What change do you feel in yourself compared to your last five years?

Posted by admin - March 14, 2021

Girl feels along

Five years ago, I was really not well at all.

My narcissistic pervert mother was always after me. Constantly infantilizing myself and isolating myself from everyone, I really felt lost. I needed air, I needed to get away as quickly as possible, I was suffocating too much. To have to please while being afraid of disappointing.

It was in 2018 that I developed the plan to go far away so as not to have any connection with anyone in the family. Anyway, I had never had an affinity with anyone in my immediate family.

My choice fell on Abidjan. There, having studied the field, I knew that it was easy to do business as long as I ran into honest people because there, scams are commonplace.

If my project could succeed thanks to high-placed and honest people, on the other hand, sentimental question, it was quite different. Not only did my mother not support me but in addition, my companion at the time was a narcissistic pervert too. My professional project was not at all successful.

I stayed for a while. Until my mom really pushed me over the edge by really hurting me, I had decided once and for all to cut ties with her. Definitely.

I also saw that my relationship with my husband was not going to end in anything positive either.
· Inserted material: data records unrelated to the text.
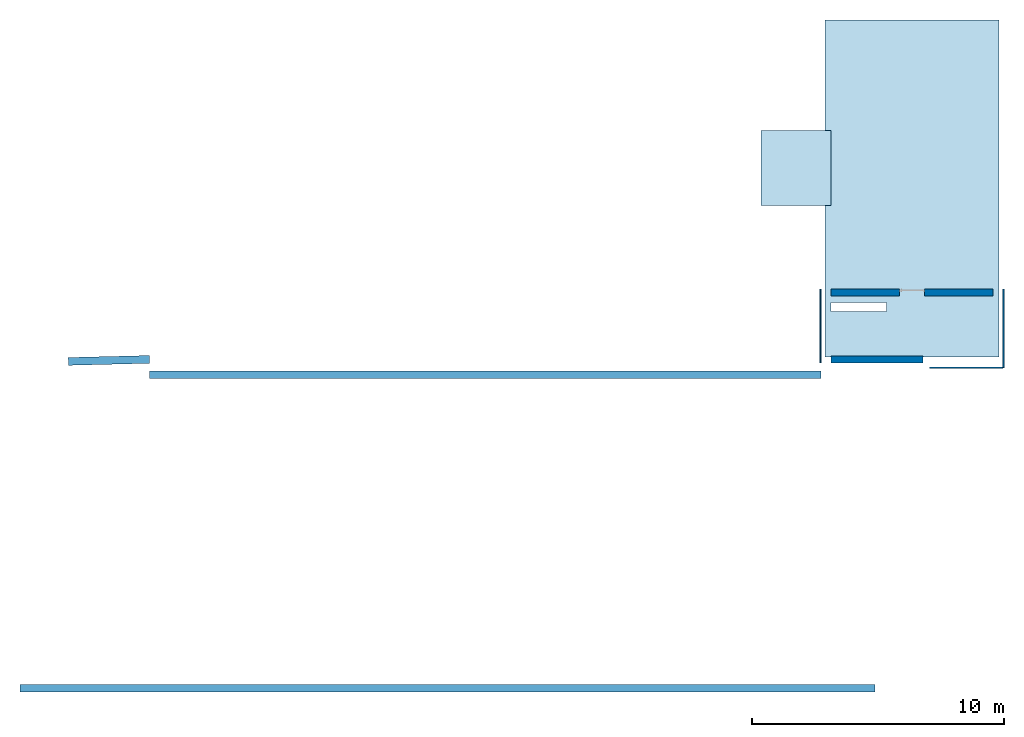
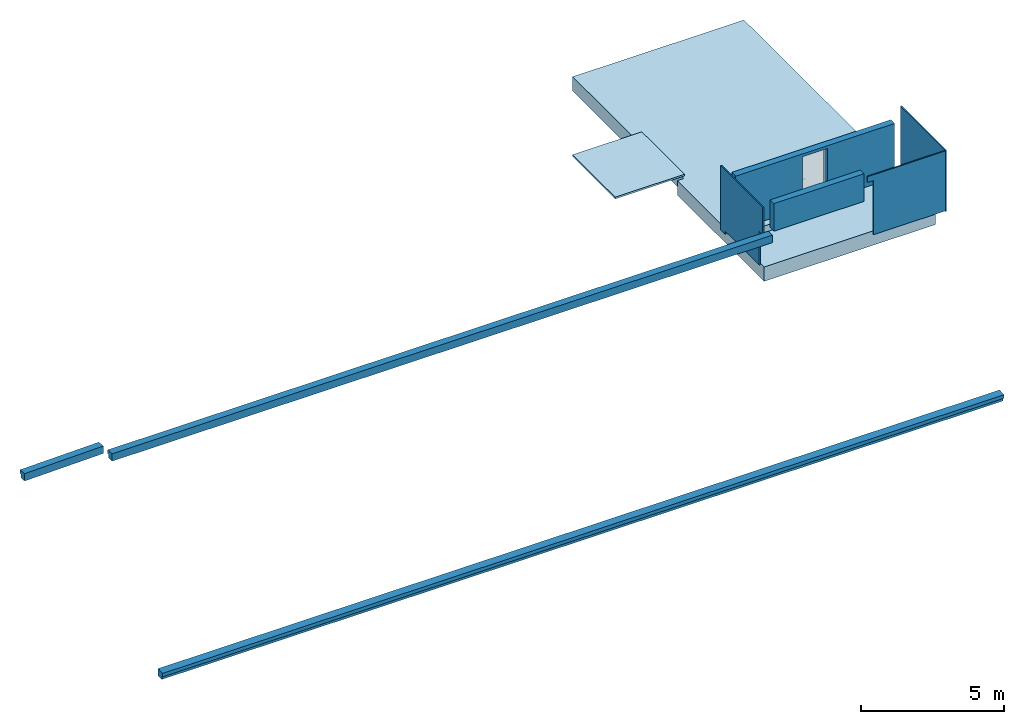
# One storey, part 1 of 2: 8 walls, 2 slabs, 3 openings, 2 elements without a shape of their own.
"""IFC2X3 building model written with IfcOpenShell, lengths in millimetres."""

import ifcopenshell
import ifcopenshell.guid

model = None  # the IFC model being written
_history = None  # IfcOwnerHistory: only IFC2X3 demands one
_inside = {}  # id of a spatial element -> (the spatial element, [elements in it])
_under = {}  # id of a project, library or spatial element -> (it, [spatial elements below it])
_declared = {}  # id of a project -> (the project, [libraries it declares])
_typed = {}  # id of a type object -> (the type object, [elements of that type])
_made_of = {}  # id of a material, layer set ... -> (it, [elements and type objects made of it])


def new_model(schema):
    """Start an empty IFC model of exactly this schema.

    Asked for "IFC4X3", IfcOpenShell would pick the latest addendum, in which some entities
    have other attributes; the version numbers below select the first issue.
    IFC2X3 requires an IfcOwnerHistory on every rooted entity: one is made here for all.
    """
    global model, _history
    if schema == "IFC4X3":
        model = ifcopenshell.file(schema_version=(4, 3, 0, 0))
    else:
        model = ifcopenshell.file(schema=schema)
    _inside.clear()
    _under.clear()
    _declared.clear()
    _typed.clear()
    _made_of.clear()
    _history = None
    if model.schema == "IFC2X3":
        org = make("IfcOrganization", Name="unknown")
        user = make(
            "IfcPersonAndOrganization",
            ThePerson=make("IfcPerson", FamilyName="unknown"),
            TheOrganization=org,
        )
        app = make(
            "IfcApplication",
            ApplicationDeveloper=org,
            Version="unknown",
            ApplicationFullName="unknown",
            ApplicationIdentifier="unknown",
        )
        _history = make(
            "IfcOwnerHistory",
            OwningUser=user,
            OwningApplication=app,
            ChangeAction="ADDED",
            CreationDate=0,
        )
    return model


def make(cls, **values):
    """One entity of the class cls with the attributes given. An attribute that is None is left unset."""
    return model.create_entity(
        cls, **{name: value for name, value in values.items() if value is not None}
    )


def entity(cls, *values):
    """Any entity or typed value of the class cls, its attributes in the order of the schema. None: left unset."""
    e = model.create_entity(cls)
    for i, value in enumerate(values):
        if value is not None:
            e[i] = value
    return e


def rooted(cls, **values):
    """An entity with a GlobalId (a new one), such as an element, a storey or a relation."""
    return make(cls, GlobalId=ifcopenshell.guid.new(), OwnerHistory=_history, **values)


def si_unit(unit_type, name, prefix=None):
    """IfcSIUnit, for example si_unit("LENGTHUNIT", "METRE", prefix="MILLI")."""
    return make("IfcSIUnit", UnitType=unit_type, Prefix=prefix, Name=name)


def converted_unit(unit_type, name, factor, base, dimensions=None, offset=None):
    """IfcConversionBasedUnit, such as the inch: factor (a typed value) times the base unit."""
    return make(
        "IfcConversionBasedUnit"
        if offset is None
        else "IfcConversionBasedUnitWithOffset",
        ConversionOffset=offset,
        Dimensions=None
        if dimensions is None
        else entity("IfcDimensionalExponents", *dimensions),
        UnitType=unit_type,
        Name=name,
        ConversionFactor=make(
            "IfcMeasureWithUnit", ValueComponent=factor, UnitComponent=base
        ),
    )


def derived_unit(unit_type, elements):
    """IfcDerivedUnit: a product of units, each with its exponent."""
    return make(
        "IfcDerivedUnit",
        Elements=[
            make("IfcDerivedUnitElement", Unit=unit, Exponent=power)
            for unit, power in elements
        ],
        UnitType=unit_type,
    )


def assignment(units):
    """IfcUnitAssignment: the units of a project."""
    return None if units is None else make("IfcUnitAssignment", Units=units)


def point(xyz):
    """IfcCartesianPoint."""
    return None if xyz is None else make("IfcCartesianPoint", Coordinates=xyz)


def direction(xyz):
    """IfcDirection."""
    return None if xyz is None else make("IfcDirection", DirectionRatios=xyz)


def frame(location, z_axis=None, x_axis=None):
    """IfcAxis2Placement3D, a coordinate frame: its origin and axes. An axis left out is left unset."""
    return make(
        "IfcAxis2Placement3D",
        Location=point(location),
        Axis=direction(z_axis),
        RefDirection=direction(x_axis),
    )


def frame_2d(location, x_axis=None):
    """IfcAxis2Placement2D, a coordinate frame in the plane: its origin and x axis."""
    return make(
        "IfcAxis2Placement2D", Location=point(location), RefDirection=direction(x_axis)
    )


def origin():
    """The frame at (0, 0, 0) with its axes left unset."""
    return frame((0.0, 0.0, 0.0))


def place(relative_to, where):
    """IfcLocalPlacement: puts the frame where relative to a parent placement (None: the world)."""
    return make(
        "IfcLocalPlacement", PlacementRelTo=relative_to, RelativePlacement=where
    )


def context(
    kind, dimensions, precision=None, world=None, true_north=None, identifier=None
):
    """IfcGeometricRepresentationContext, for example the 3D "Model" context."""
    return make(
        "IfcGeometricRepresentationContext",
        ContextIdentifier=identifier,
        ContextType=kind,
        CoordinateSpaceDimension=dimensions,
        Precision=precision,
        WorldCoordinateSystem=world,
        TrueNorth=true_north,
    )


def subcontext(parent, identifier, kind, view, scale=None):
    """IfcGeometricRepresentationSubContext, for example "Body" below "Model"."""
    return make(
        "IfcGeometricRepresentationSubContext",
        ContextIdentifier=identifier,
        ContextType=kind,
        ParentContext=parent,
        TargetScale=scale,
        TargetView=view,
    )


def project(units=None, contexts=None):
    """IfcProject with its units and contexts."""
    return rooted(
        "IfcProject",
        Name="project",
        RepresentationContexts=contexts,
        UnitsInContext=assignment(units),
    )


def spatial(cls, under=None, at=None, **own):
    """A site, building, storey or space (cls), placed at a placement, below another one or the project."""
    s = rooted(cls, ObjectPlacement=at, **own)
    if under is not None:
        _under.setdefault(under.id(), (under, []))[1].append(s)
    return s


def polyline(points):
    """IfcPolyline through the points."""
    return make("IfcPolyline", Points=[point(p) for p in points])


def profile(cls, at=None, kind="AREA", **sizes):
    """A parametric profile (cls). Its sizes go by their IFC names, for example OverallWidth=200.0."""
    return make(cls, ProfileType=kind, Position=at, **sizes)


def rectangle(**sizes):
    """IfcRectangleProfileDef."""
    return profile("IfcRectangleProfileDef", **sizes)


def outline(outer, holes=None, kind="AREA"):
    """IfcArbitraryClosedProfileDef: a profile drawn as a closed curve; with holes, ...WithVoids."""
    if holes is None:
        return make("IfcArbitraryClosedProfileDef", ProfileType=kind, OuterCurve=outer)
    return make(
        "IfcArbitraryProfileDefWithVoids",
        ProfileType=kind,
        OuterCurve=outer,
        InnerCurves=holes,
    )


def extrude(swept, where, along, depth):
    """IfcExtrudedAreaSolid: the profile swept, set in the frame where, extruded along a direction by depth."""
    return make(
        "IfcExtrudedAreaSolid",
        SweptArea=swept,
        Position=where,
        ExtrudedDirection=direction(along),
        Depth=depth,
    )


def faces_of(points, faces, orient=None, outer=None):
    """IfcFace entities. A face is a list of loops; a loop is a list of indices into points, from 0.

    orient and outer hold one flag for each loop. By default every Orientation is true, the
    first loop of a face is its IfcFaceOuterBound and the others are IfcFaceBound.
    """
    made = []
    for i, loops in enumerate(faces):
        bounds = []
        for j, loop in enumerate(loops):
            is_outer = j == 0 if outer is None else outer[i][j]
            bounds.append(
                make(
                    "IfcFaceOuterBound" if is_outer else "IfcFaceBound",
                    Bound=make("IfcPolyLoop", Polygon=[points[k] for k in loop]),
                    Orientation=True if orient is None else orient[i][j],
                )
            )
        made.append(make("IfcFace", Bounds=bounds))
    return made


def faceted_brep(points, faces, orient=None, outer=None, voids=None):
    """IfcFacetedBrep: a solid bounded by flat faces; with voids (closed shells), ...WithVoids."""
    shared = [point(p) for p in points]
    hull = make("IfcClosedShell", CfsFaces=faces_of(shared, faces, orient, outer))
    if voids is None:
        return make("IfcFacetedBrep", Outer=hull)
    return make(
        "IfcFacetedBrepWithVoids",
        Outer=hull,
        Voids=[
            make(cls, CfsFaces=faces_of(shared, fs, o, b)) for cls, fs, o, b in voids
        ],
    )


def shape(context_of_items, identifier, shape_type, items):
    """IfcShapeRepresentation: the items that make up one representation, for example the "Body"."""
    return make(
        "IfcShapeRepresentation",
        ContextOfItems=context_of_items,
        RepresentationIdentifier=identifier,
        RepresentationType=shape_type,
        Items=items,
    )


def material(Name=None, Category=None):
    """IfcMaterial."""
    return make("IfcMaterial", Name=Name, Category=Category)


def layer(
    of_material, thickness, ventilated=None, Name=None, Category=None, Priority=None
):
    """IfcMaterialLayer: one layer of a wall or slab, of a material (None: an air gap)."""
    return make(
        "IfcMaterialLayer",
        Material=of_material,
        LayerThickness=thickness,
        IsVentilated=ventilated,
        Name=Name,
        Category=Category,
        Priority=Priority,
    )


def layer_set(layers, Name=None):
    """IfcMaterialLayerSet."""
    return make("IfcMaterialLayerSet", MaterialLayers=layers, LayerSetName=Name)


def layer_usage(for_layer_set, set_direction, sense, offset, extent=None):
    """IfcMaterialLayerSetUsage: how a layer set lies in its element."""
    return make(
        "IfcMaterialLayerSetUsage",
        ForLayerSet=for_layer_set,
        LayerSetDirection=set_direction,
        DirectionSense=sense,
        OffsetFromReferenceLine=offset,
        ReferenceExtent=extent,
    )


def made_of(thing, what):
    """Note that an element or type object is made of a material, layer set ...; save() writes the relation."""
    if what is not None:
        _made_of.setdefault(what.id(), (what, []))[1].append(thing)
    return thing


def type_object(cls, material=None, **own):
    """A type object (cls), such as IfcWallType, which elements share."""
    return made_of(rooted(cls, **own), material)


def element(
    cls,
    number,
    at=None,
    inside=None,
    cuts=None,
    type_object=None,
    material=None,
    context=None,
    identifier="Body",
    shape_type=None,
    held_by="IfcProductDefinitionShape",
    body=None,
    shapes=None,
    **own,
):
    """One element of the class cls, such as IfcWall. Its Tag is "e" and its number.

    at: its placement. inside: the storey or other place that contains it. cuts: it is an
    opening in that element (IfcRelVoidsElement). A single representation is given by context,
    identifier, shape_type and body (its items); several are given by shapes. held_by: the class
    of the entity that holds the representations. save() writes the other relations.
    """
    e = rooted(cls, Tag="e%d" % number, ObjectPlacement=at, **own)
    if body is not None:
        shapes = [shape(context, identifier, shape_type, body)]
    if shapes is not None:
        e.Representation = make(held_by, Representations=shapes)
    if inside is not None:
        _inside.setdefault(inside.id(), (inside, []))[1].append(e)
    if cuts is not None:
        rooted(
            "IfcRelVoidsElement", RelatingBuildingElement=cuts, RelatedOpeningElement=e
        )
    if type_object is not None:
        _typed.setdefault(type_object.id(), (type_object, []))[1].append(e)
    return made_of(e, material)


def aggregate(whole, parts):
    """IfcRelAggregates: a whole, such as a stair, and the parts it consists of."""
    return rooted("IfcRelAggregates", RelatingObject=whole, RelatedObjects=parts)


def save(model, path):
    """Write the relations noted so far, then the file.

    IfcRelAggregates (storeys below a building ...), IfcRelContainedInSpatialStructure (elements
    in a storey), IfcRelDefinesByType, IfcRelAssociatesMaterial and IfcRelDeclares: one each for
    every whole, place, type object, material and project.
    """
    for whole, parts in _under.values():
        aggregate(whole, parts)
    for where, things in _inside.values():
        rooted(
            "IfcRelContainedInSpatialStructure",
            RelatedElements=things,
            RelatingStructure=where,
        )
    for kind, things in _typed.values():
        rooted("IfcRelDefinesByType", RelatedObjects=things, RelatingType=kind)
    for what, things in _made_of.values():
        rooted("IfcRelAssociatesMaterial", RelatedObjects=things, RelatingMaterial=what)
    for by, libraries in _declared.values():
        rooted("IfcRelDeclares", RelatingContext=by, RelatedDefinitions=libraries)
    model.write(path)


model = new_model("IFC2X3")

# Units and contexts
model_context = context("Model", 3, precision=0.01, world=origin(), true_north=direction((6.12303176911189e-17, 1.0)))
body_context = subcontext(model_context, "Body", "Model", "MODEL_VIEW")
ifc_project = project(units=[si_unit("LENGTHUNIT", "METRE", prefix="MILLI"), si_unit("AREAUNIT", "SQUARE_METRE"), si_unit("VOLUMEUNIT", "CUBIC_METRE"), converted_unit("PLANEANGLEUNIT", "DEGREE", entity("IfcRatioMeasure", 0.0174532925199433), si_unit("PLANEANGLEUNIT", "RADIAN"), dimensions=[0, 0, 0, 0, 0, 0, 0]), si_unit("MASSUNIT", "GRAM", prefix="KILO"), derived_unit("MASSDENSITYUNIT", [(si_unit("MASSUNIT", "GRAM", prefix="KILO"), 1), (si_unit("LENGTHUNIT", "METRE"), -3)]), si_unit("TIMEUNIT", "SECOND"), si_unit("FREQUENCYUNIT", "HERTZ"), si_unit("THERMODYNAMICTEMPERATUREUNIT", "DEGREE_CELSIUS"), derived_unit("THERMALTRANSMITTANCEUNIT", [(si_unit("MASSUNIT", "GRAM", prefix="KILO"), 1), (si_unit("THERMODYNAMICTEMPERATUREUNIT", "KELVIN"), -1), (si_unit("TIMEUNIT", "SECOND"), -3)]), derived_unit("VOLUMETRICFLOWRATEUNIT", [(si_unit("LENGTHUNIT", "METRE"), 3), (si_unit("TIMEUNIT", "SECOND"), -1)]), si_unit("ELECTRICCURRENTUNIT", "AMPERE"), si_unit("ELECTRICVOLTAGEUNIT", "VOLT"), si_unit("POWERUNIT", "WATT"), si_unit("FORCEUNIT", "NEWTON", prefix="KILO"), si_unit("ILLUMINANCEUNIT", "LUX"), si_unit("LUMINOUSFLUXUNIT", "LUMEN"), si_unit("LUMINOUSINTENSITYUNIT", "CANDELA"), derived_unit("USERDEFINED", [(si_unit("MASSUNIT", "GRAM", prefix="KILO"), -1), (si_unit("LENGTHUNIT", "METRE"), -2), (si_unit("TIMEUNIT", "SECOND"), 3), (si_unit("LUMINOUSFLUXUNIT", "LUMEN"), 1)]), derived_unit("LINEARVELOCITYUNIT", [(si_unit("LENGTHUNIT", "METRE"), 1), (si_unit("TIMEUNIT", "SECOND"), -1)]), si_unit("PRESSUREUNIT", "PASCAL"), derived_unit("USERDEFINED", [(si_unit("LENGTHUNIT", "METRE"), -2), (si_unit("MASSUNIT", "GRAM", prefix="KILO"), 1), (si_unit("TIMEUNIT", "SECOND"), -2)])], contexts=[model_context])

# Site, building, storey
site_placement = place(None, frame((-151.875543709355, 2715.0, 0.0)))
site = spatial("IfcSite", under=ifc_project, at=site_placement, Name="Surface", CompositionType="ELEMENT")
building_placement = place(site_placement, origin())
building = spatial("IfcBuilding", under=site, at=building_placement, CompositionType="ELEMENT")
storey_placement = place(building_placement, frame((0.0, 0.0, 11805.0)))
storey = spatial("IfcBuildingStorey", under=building, at=storey_placement, Name="uus Katus", CompositionType="ELEMENT", Elevation=11805.0000000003)

# Roof, slab, opening
roof_1_placement = place(storey_placement, origin())
roof_1 = element("IfcRoof", 1, at=roof_1_placement, inside=storey, Name="Basic Roof:KL-2\u001f.1_uus katus", ObjectType="Basic Roof:KL-2\u001f.1_uus katus", ShapeType="NOTDEFINED")
slab_1_placement = place(storey_placement, origin())
slab_1 = element("IfcSlab", 2, at=slab_1_placement, Name="Basic Roof:KL-2\u001f.1_uus katus:1", ObjectType="Basic Roof:KL-2\u001f.1_uus katus", PredefinedType="ROOF", context=body_context, shape_type="SweptSolid", body=[
    extrude(outline(polyline([(-6270.50001983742, -1789.0), (-1842.49999344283, -1789.0), (-1842.49999344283, -1532.0), (1026.50000655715, -1532.0), (1026.50000655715, -1789.0), (7086.50000672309, -1789.0), (7086.50000672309, 5110.0), (-6270.50001983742, 5110.0), (-6270.50001983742, -1789.0)])), frame((33533.6162682, 20296.5000067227, -755.0), z_axis=(0.0, 0.0, 1.0), x_axis=(0.0, -1.0, 0.0)), (0.0, 0.0, 1.0), 610.0),
])
opening_1_placement = place(storey_placement, origin())
element("IfcOpeningElement", 3, at=opening_1_placement, cuts=slab_1, Name="Basic Roof:KL-2\u001f.1_uus katus:1", ObjectType="Opening", context=body_context, shape_type="SweptSolid", body=[
    extrude(rectangle(XDim=2180.0, YDim=350.000000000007, at=frame_2d((-4.32009983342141e-12, 0.0), x_axis=(1.0, 0.0))), frame((33091.6162682, 15195.0, -755.0), z_axis=(0.0, 0.0, 1.0), x_axis=(-1.0, 0.0, 0.0)), (0.0, 0.0, 1.0), 610.0),
])
aggregate(roof_1, [slab_1])

# Roof, slab
roof_2_placement = place(storey_placement, frame((29212.6177671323, 19211.0, 0.0)))
roof_2 = element("IfcRoof", 4, at=roof_2_placement, inside=storey, Name="Basic Roof:lifti katus", ObjectType="Basic Roof:lifti katus", ShapeType="NOTDEFINED")
ifc_material_1 = material(Name="SW katusepaneel")
ifc_layer_1 = layer(ifc_material_1, 75.0)
ifc_layer_set_1 = layer_set([ifc_layer_1], Name="Basic Roof:lifti katus")
slab_2_placement = place(roof_2_placement, origin())
slab_2 = element("IfcSlab", 5, at=slab_2_placement, material=ifc_layer_set_1, Name="Basic Roof:lifti katus", ObjectType="Basic Roof:lifti katus", PredefinedType="ROOF", context=body_context, shape_type="SweptSolid", body=[
    extrude(rectangle(XDim=2788.99850106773, YDim=2978.59954571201, at=frame_2d((0.0, 2.1600499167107e-12), x_axis=(1.0, 0.0))), frame((1394.49925053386, 1489.299772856, 0.0)), (0.0, 0.0, 1.0), 75.0000000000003),
])
aggregate(roof_2, [slab_2])

# Wall, opening
ifc_material_2 = material(Name="Steel/Aluminium")
wall_type_1 = type_object("IfcWallType", Name="fassaad3:fassaad3", PredefinedType="NOTDEFINED", material=ifc_material_2)
wall_1_placement = place(storey_placement, frame((38795.6162681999, 12790.039110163, 0.0), z_axis=(0.0, 0.0, 1.0), x_axis=(0.0, 1.0, 0.0)))
wall_1 = element("IfcWall", 6, at=wall_1_placement, inside=storey, type_object=wall_type_1, material=ifc_material_2, Name="fassaad3:fassaad3", ObjectType="fassaad3:fassaad3", context=body_context, shape_type="SweptSolid", body=[
    extrude(rectangle(XDim=50.0000000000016, YDim=3116.0, at=frame_2d((0.0, 1.13686837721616e-12), x_axis=(1.0, 0.0))), frame((1558.0, -25.0, 0.0), z_axis=(0.0, 0.0, 1.0), x_axis=(0.0, 1.0, 0.0)), (0.0, 0.0, 1.0), 2599.99998531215),
])
opening_2_placement = place(storey_placement, frame((38795.6162681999, 12790.039110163, 0.0), z_axis=(0.0, 0.0, 1.0), x_axis=(0.0, 1.0, 0.0)))
element("IfcOpeningElement", 7, at=opening_2_placement, cuts=wall_1, Name="fassaad3:fassaad3:1", ObjectType="Opening", context=body_context, shape_type="SweptSolid", body=[
    extrude(rectangle(XDim=1000.0, YDim=400.0, at=frame_2d((2.17426077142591e-12, -1.08002495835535e-12), x_axis=(0.0, 1.0))), frame((925.0, 0.0, 1064.99998531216), z_axis=(0.0, -1.0, 0.0), x_axis=(-1.0, 0.0, 0.0)), (0.0, 0.0, 1.0), 50.0000000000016),
])

ifc_material_3 = material(Name="External face timepruun h=1100mm")
ifc_layer_2 = layer(ifc_material_3, 54.0)
ifc_material_4 = material(Name="Core Mineral wool Mineral Wool h=1100mm")
ifc_layer_3 = layer(ifc_material_4, 200.0)
ifc_material_5 = material(Name="__Kips GKB_niiskuskindel")
ifc_layer_4 = layer(ifc_material_5, 12.0)
ifc_layer_set_2 = layer_set([ifc_layer_2, ifc_layer_3, ifc_layer_4], Name="Basic Wall:VS-3_vent.ruumide ja ladude välissein")
ifc_layer_usage_1 = layer_usage(ifc_layer_set_2, "AXIS2", "NEGATIVE", 133.0)
wall_type_2 = type_object("IfcWallType", Name="Basic Wall:VS-3_vent.ruumide ja ladude välissein", PredefinedType="STANDARD", material=ifc_layer_set_2)
wall_2_placement = place(storey_placement, frame((32001.6162682, 15773.039110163, -155.0)))
wall_2 = element("IfcWallStandardCase", 8, at=wall_2_placement, inside=storey, type_object=wall_type_2, material=ifc_layer_usage_1, Name="Basic Wall:VS-3_vent.ruumide ja ladude välissein", ObjectType="Basic Wall:VS-3_vent.ruumide ja ladude välissein", context=body_context, shape_type="SweptSolid", body=[
    extrude(rectangle(XDim=6404.99999999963, YDim=266.0, at=frame_2d((3202.49999999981, 0.0), x_axis=(-1.0, 0.0))), origin(), (0.0, 0.0, 1.0), 2315.0),
])
opening_3_placement = place(wall_2_placement, frame((2695.0, -133.0, 0.0)))
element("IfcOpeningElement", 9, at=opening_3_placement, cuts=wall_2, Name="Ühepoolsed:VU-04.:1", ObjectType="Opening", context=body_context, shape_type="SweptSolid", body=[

It is a very influential man in Ivory Coast who helped me to return home.

It was really from there that the change started to take place in me. It was like a second birth. I learned to love myself, to take care of myself, to do the things I love, to appreciate life as it is.

This change was so drastic that I and my former colleague from the Alps, with whom I had kept in touch for a long time, are madly in love with each other. And it's going pretty well.

I think it's the fact of having literally changed that attracts him more today. Before, we appreciated each other without more. Things are different today.

Looking back, realizing that nothing positive was coming out of my relationship with my mother, I didn't want to contact her at all, neither now nor ever.

Of course, there was another solution than to use the big means to want to change continent but I had tried to beg my mother to let me breathe but the more I ran away, the more she caught up with me. Sometimes with threats. The entourage has always wondered if my mother would not exaggerate a little too much.

I am free and quiet now. I am at peace. I am another woman. And I see things from another angle with resources hitherto unsuspected.